[Start of Attachment]

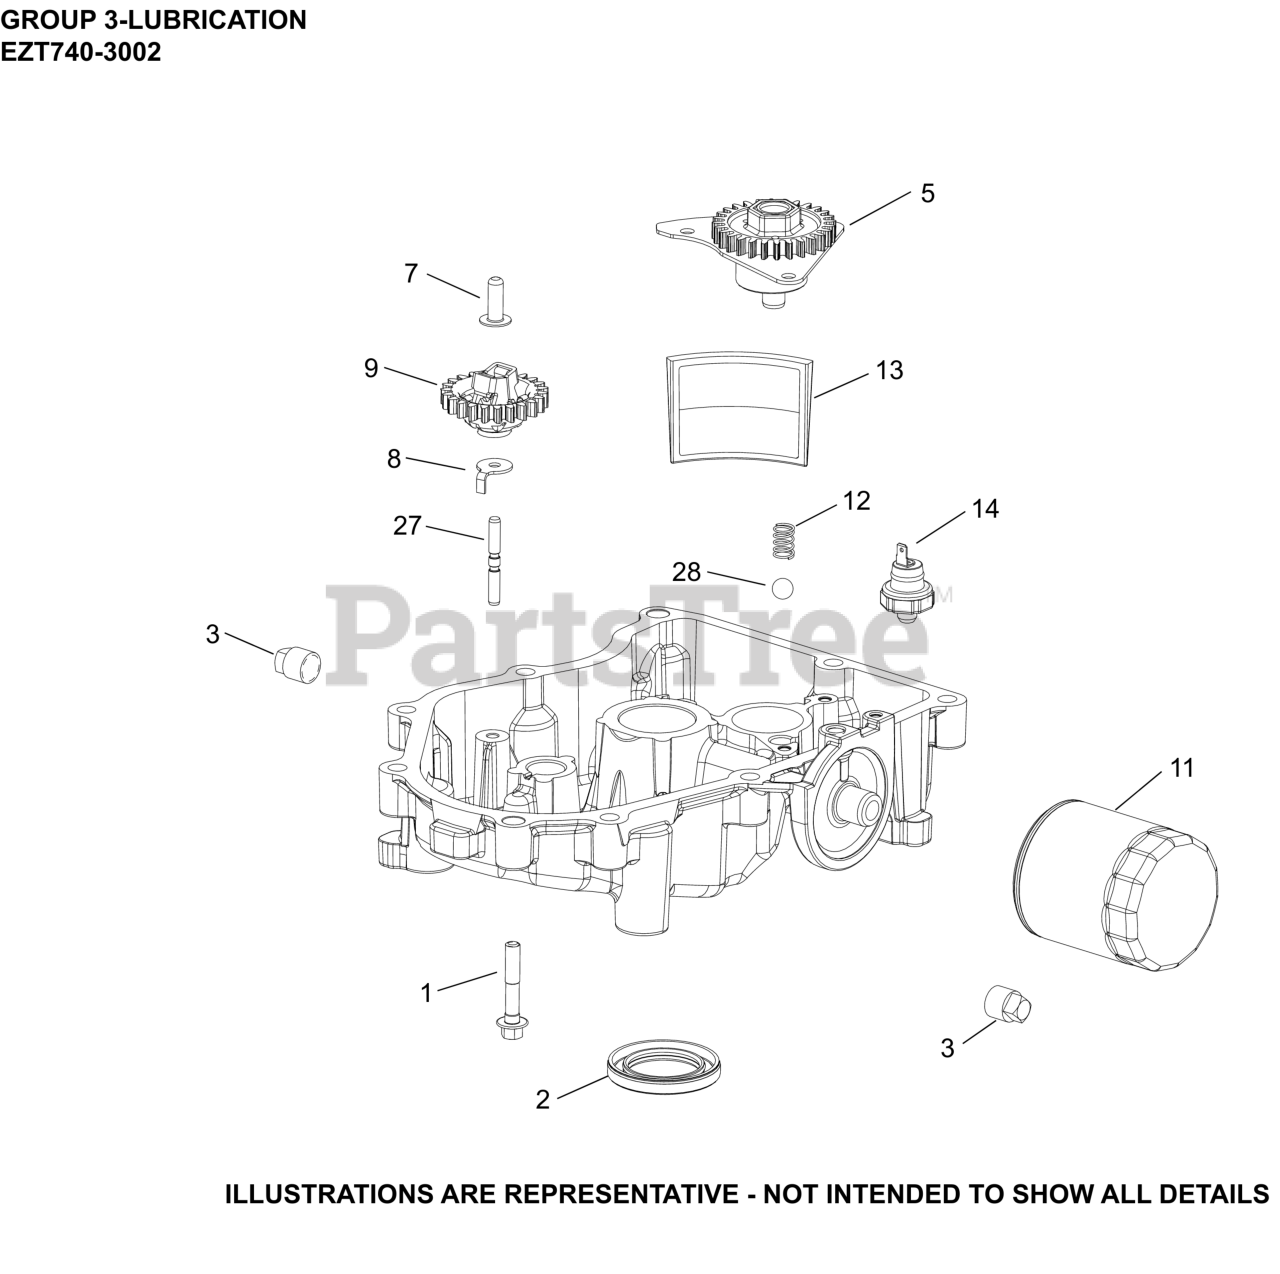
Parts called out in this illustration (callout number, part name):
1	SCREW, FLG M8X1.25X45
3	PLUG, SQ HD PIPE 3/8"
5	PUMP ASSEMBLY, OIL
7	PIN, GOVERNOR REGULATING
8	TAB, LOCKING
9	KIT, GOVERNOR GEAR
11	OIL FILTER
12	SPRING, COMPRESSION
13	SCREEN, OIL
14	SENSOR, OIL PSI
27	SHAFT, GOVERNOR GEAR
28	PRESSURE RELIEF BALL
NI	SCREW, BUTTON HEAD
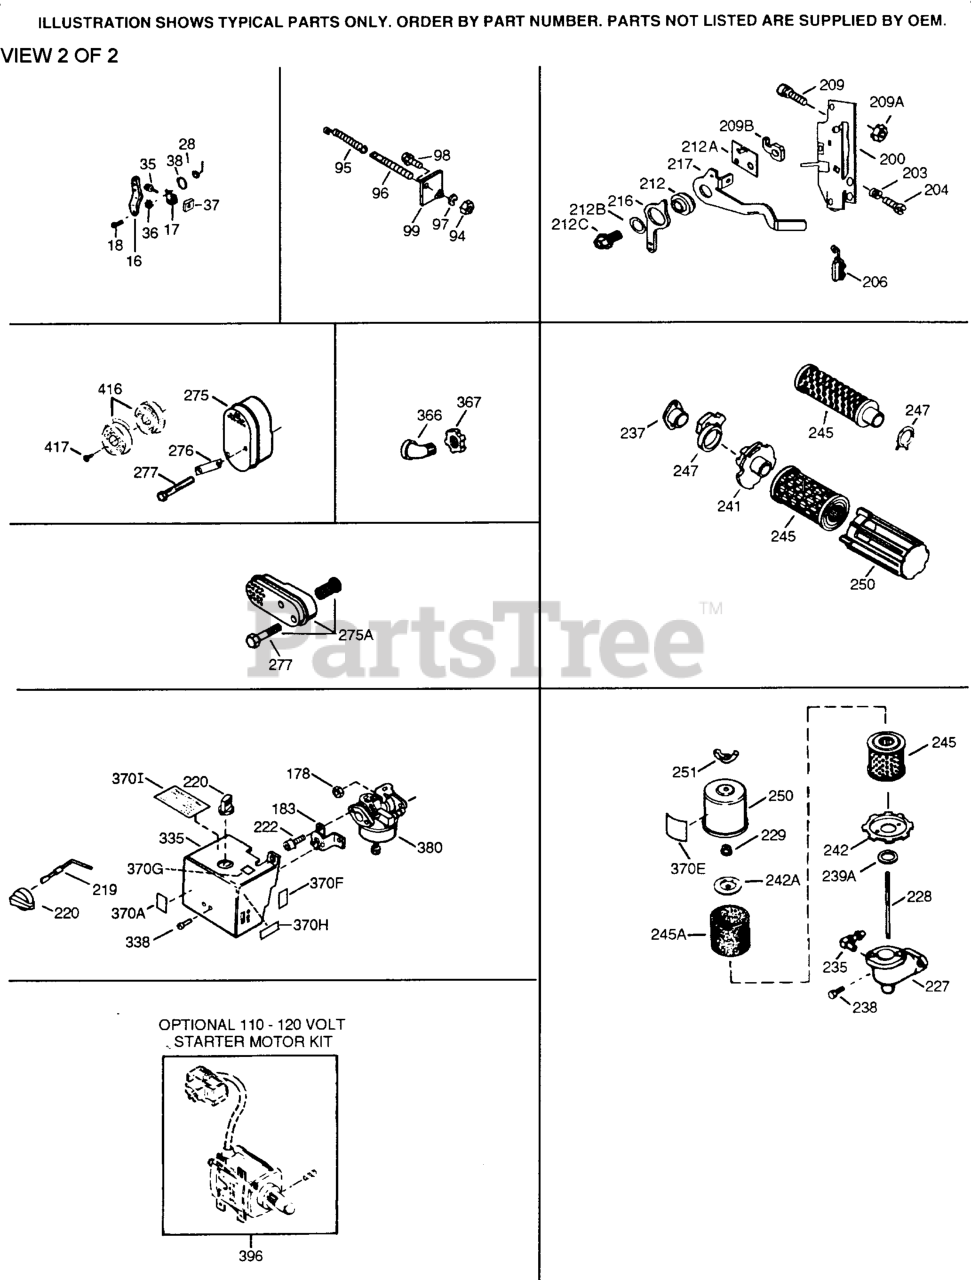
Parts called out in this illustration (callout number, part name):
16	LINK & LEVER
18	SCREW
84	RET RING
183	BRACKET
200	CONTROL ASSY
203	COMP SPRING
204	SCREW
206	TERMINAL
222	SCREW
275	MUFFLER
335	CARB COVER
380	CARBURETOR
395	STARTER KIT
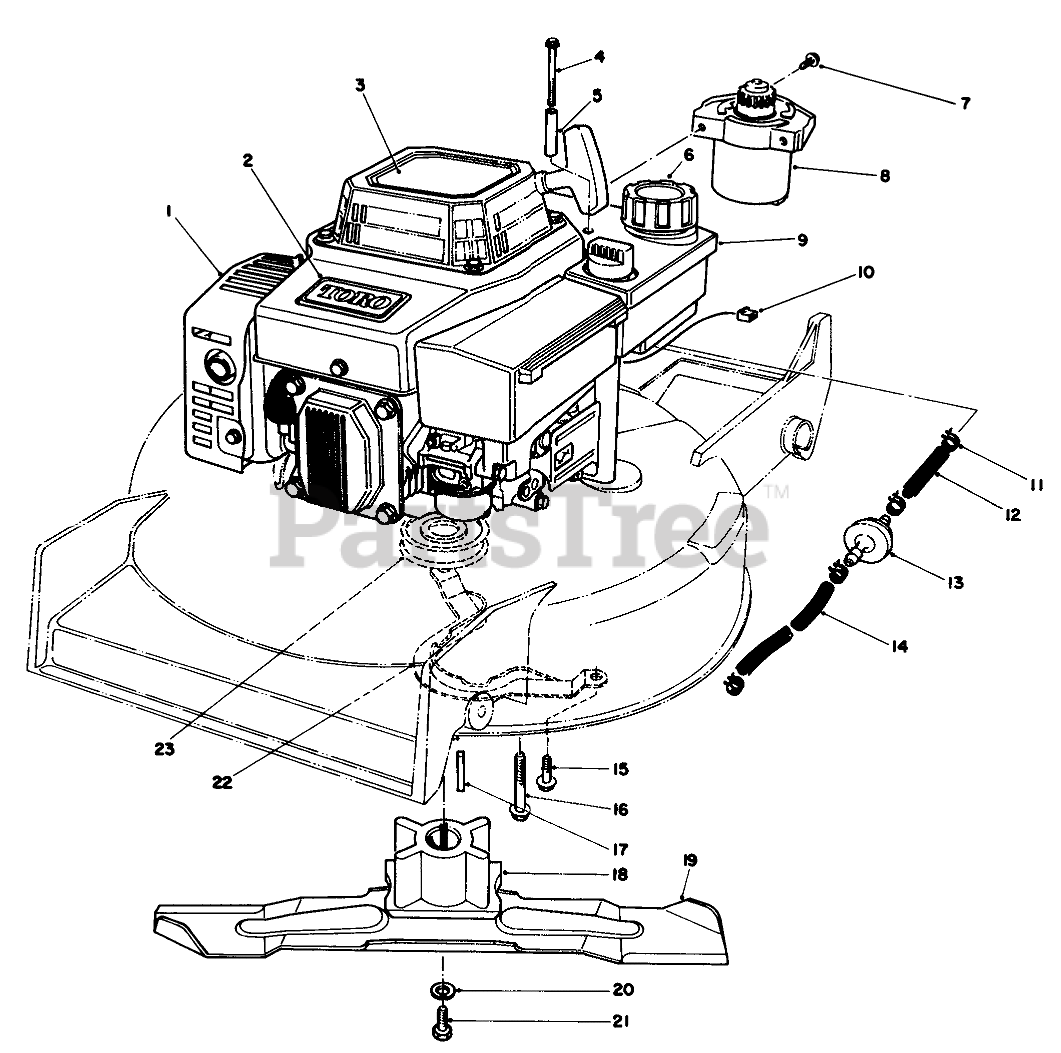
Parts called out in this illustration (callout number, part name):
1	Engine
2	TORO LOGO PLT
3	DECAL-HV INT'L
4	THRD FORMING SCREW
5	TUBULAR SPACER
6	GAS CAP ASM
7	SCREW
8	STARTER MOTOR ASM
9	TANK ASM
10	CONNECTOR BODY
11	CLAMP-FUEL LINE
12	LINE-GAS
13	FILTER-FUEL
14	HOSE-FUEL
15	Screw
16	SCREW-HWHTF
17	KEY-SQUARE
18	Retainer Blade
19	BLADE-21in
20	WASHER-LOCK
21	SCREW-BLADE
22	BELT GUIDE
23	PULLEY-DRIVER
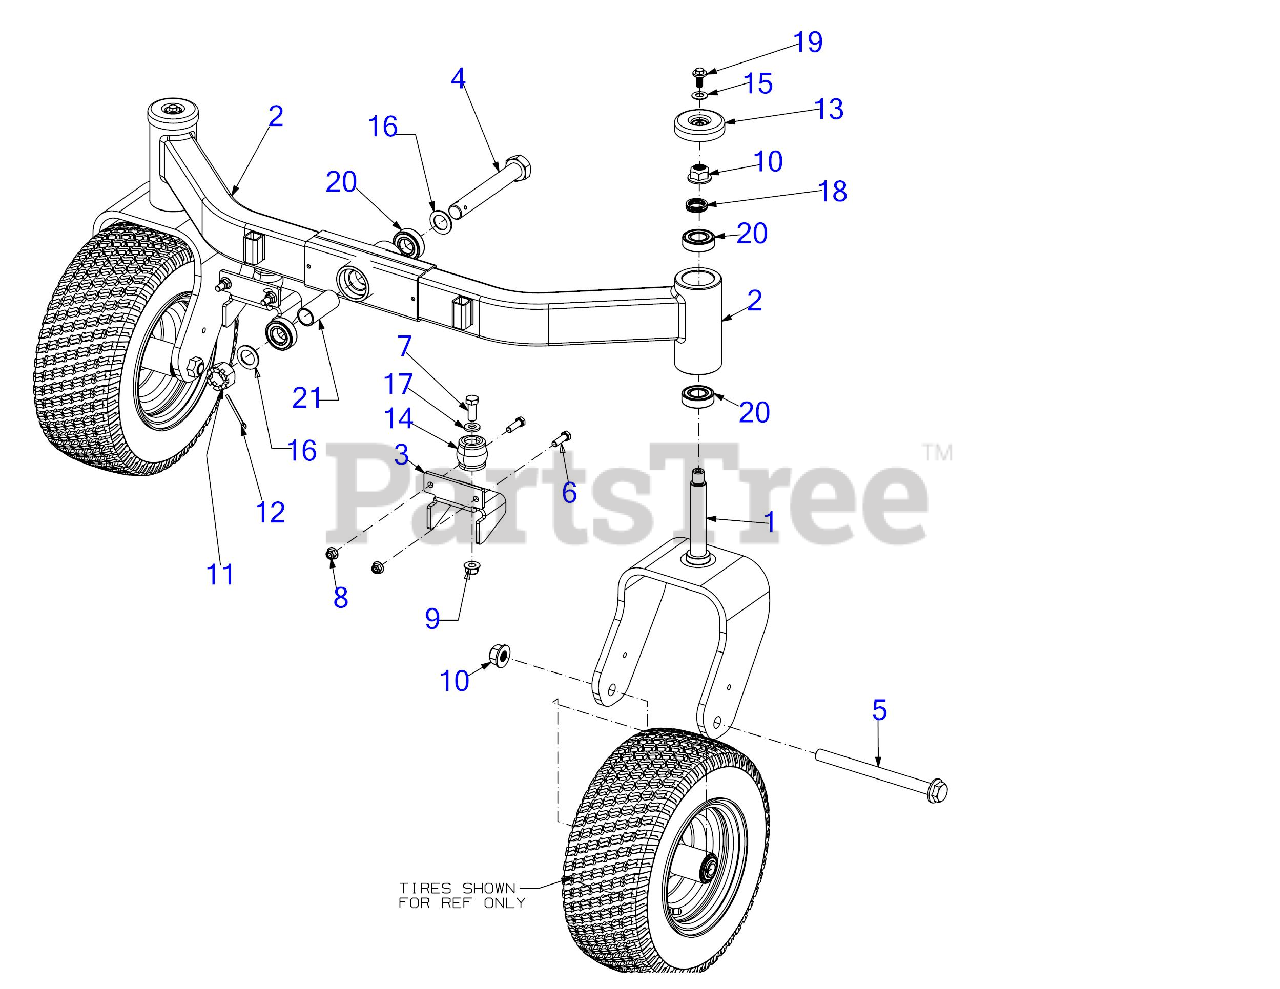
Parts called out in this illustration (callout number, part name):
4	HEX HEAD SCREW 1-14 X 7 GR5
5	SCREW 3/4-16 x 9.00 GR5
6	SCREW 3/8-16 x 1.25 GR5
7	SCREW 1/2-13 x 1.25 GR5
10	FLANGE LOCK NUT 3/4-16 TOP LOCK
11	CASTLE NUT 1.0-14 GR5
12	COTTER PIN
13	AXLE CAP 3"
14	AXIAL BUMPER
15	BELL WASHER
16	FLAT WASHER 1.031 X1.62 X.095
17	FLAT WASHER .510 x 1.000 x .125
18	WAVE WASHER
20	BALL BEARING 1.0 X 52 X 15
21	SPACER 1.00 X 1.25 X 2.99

[End of Attachment]

What is needed. Would you please repeat all the data word for word, but without the pictures?

Your solution.
Parts called out in this illustration (callout number, part name):
1	SCREW, FLG M8X1.25X45
3	PLUG, SQ HD PIPE 3/8"
5	PUMP ASSEMBLY, OIL
7	PIN, GOVERNOR REGULATING
8	TAB, LOCKING
9	KIT, GOVERNOR GEAR
11	OIL FILTER
12	SPRING, COMPRESSION
13	SCREEN, OIL
14	SENSOR, OIL PSI
27	SHAFT, GOVERNOR GEAR
28	PRESSURE RELIEF BALL
NI	SCREW, BUTTON HEAD
Parts called out in this illustration (callout number, part name):
16	LINK & LEVER
18	SCREW
84	RET RING
183	BRACKET
200	CONTROL ASSY
203	COMP SPRING
204	SCREW
206	TERMINAL
222	SCREW
275	MUFFLER
335	CARB COVER
380	CARBURETOR
395	STARTER KIT
Parts called out in this illustration (callout number, part name):
1	Engine
2	TORO LOGO PLT
3	DECAL-HV INT'L
4	THRD FORMING SCREW
5	TUBULAR SPACER
6	GAS CAP ASM
7	SCREW
8	STARTER MOTOR ASM
9	TANK ASM
10	CONNECTOR BODY
11	CLAMP-FUEL LINE
12	LINE-GAS
13	FILTER-FUEL
14	HOSE-FUEL
15	Screw
16	SCREW-HWHTF
17	KEY-SQUARE
18	Retainer Blade
19	BLADE-21in
20	WASHER-LOCK
21	SCREW-BLADE
22	BELT GUIDE
23	PULLEY-DRIVER
Parts called out in this illustration (callout number, part name):
4	HEX HEAD SCREW 1-14 X 7 GR5
5	SCREW 3/4-16 x 9.00 GR5
6	SCREW 3/8-16 x 1.25 GR5
7	SCREW 1/2-13 x 1.25 GR5
10	FLANGE LOCK NUT 3/4-16 TOP LOCK
11	CASTLE NUT 1.0-14 GR5
12	COTTER PIN
13	AXLE CAP 3"
14	AXIAL BUMPER
15	BELL WASHER
16	FLAT WASHER 1.031 X1.62 X.095
17	FLAT WASHER .510 x 1.000 x .125
18	WAVE WASHER
20	BALL BEARING 1.0 X 52 X 15
21	SPACER 1.00 X 1.25 X 2.99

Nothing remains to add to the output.